Dataset records
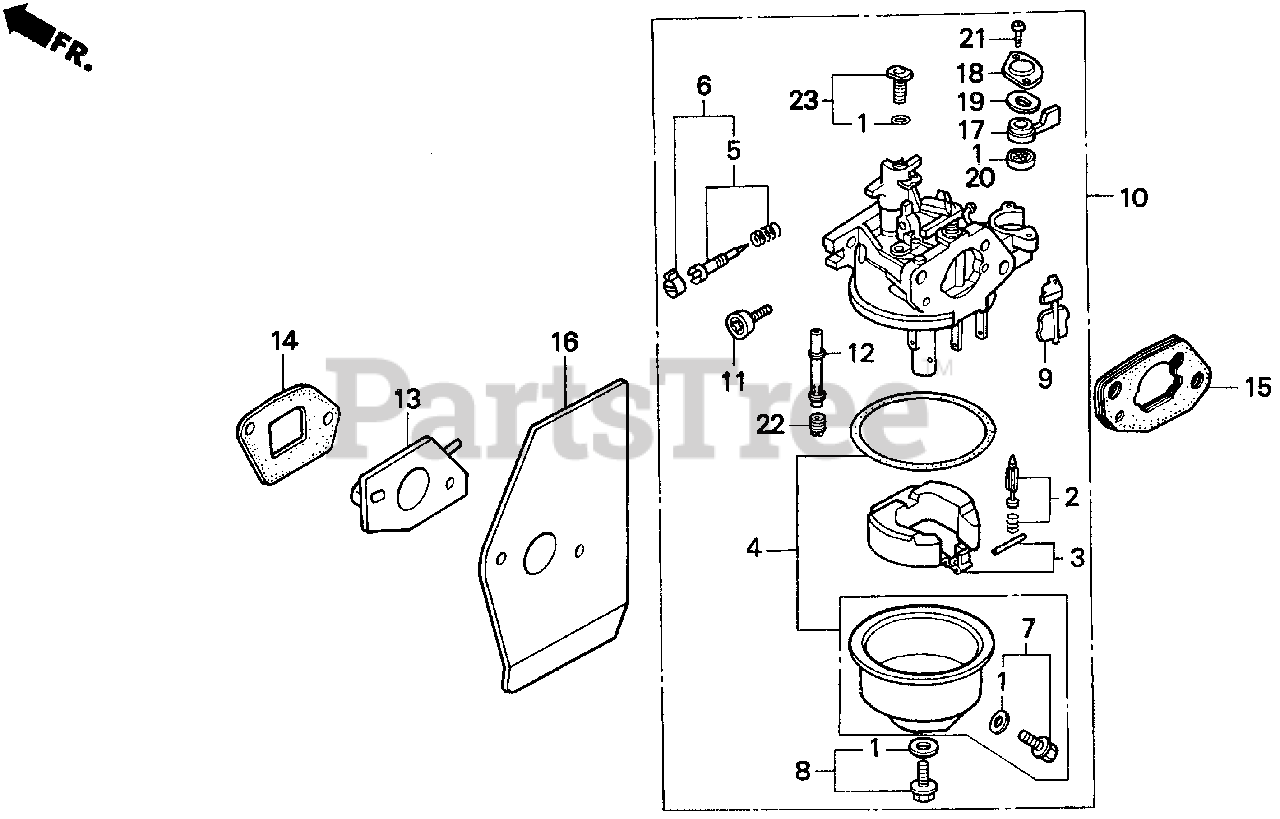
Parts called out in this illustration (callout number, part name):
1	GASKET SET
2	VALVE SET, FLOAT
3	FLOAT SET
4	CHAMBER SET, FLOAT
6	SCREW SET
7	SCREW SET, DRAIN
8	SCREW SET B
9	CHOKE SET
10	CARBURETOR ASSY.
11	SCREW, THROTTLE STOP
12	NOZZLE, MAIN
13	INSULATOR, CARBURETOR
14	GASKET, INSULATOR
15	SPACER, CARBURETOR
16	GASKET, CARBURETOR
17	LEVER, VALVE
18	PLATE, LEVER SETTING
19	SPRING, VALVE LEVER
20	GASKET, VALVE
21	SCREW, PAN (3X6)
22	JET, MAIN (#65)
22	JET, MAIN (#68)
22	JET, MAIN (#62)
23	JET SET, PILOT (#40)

Exercise brief
Letter for letter, reproduce every record above and skip the pictures.

Response
Parts called out in this illustration (callout number, part name):
1	GASKET SET
2	VALVE SET, FLOAT
3	FLOAT SET
4	CHAMBER SET, FLOAT
6	SCREW SET
7	SCREW SET, DRAIN
8	SCREW SET B
9	CHOKE SET
10	CARBURETOR ASSY.
11	SCREW, THROTTLE STOP
12	NOZZLE, MAIN
13	INSULATOR, CARBURETOR
14	GASKET, INSULATOR
15	SPACER, CARBURETOR
16	GASKET, CARBURETOR
17	LEVER, VALVE
18	PLATE, LEVER SETTING
19	SPRING, VALVE LEVER
20	GASKET, VALVE
21	SCREW, PAN (3X6)
22	JET, MAIN (#65)
22	JET, MAIN (#68)
22	JET, MAIN (#62)
23	JET SET, PILOT (#40)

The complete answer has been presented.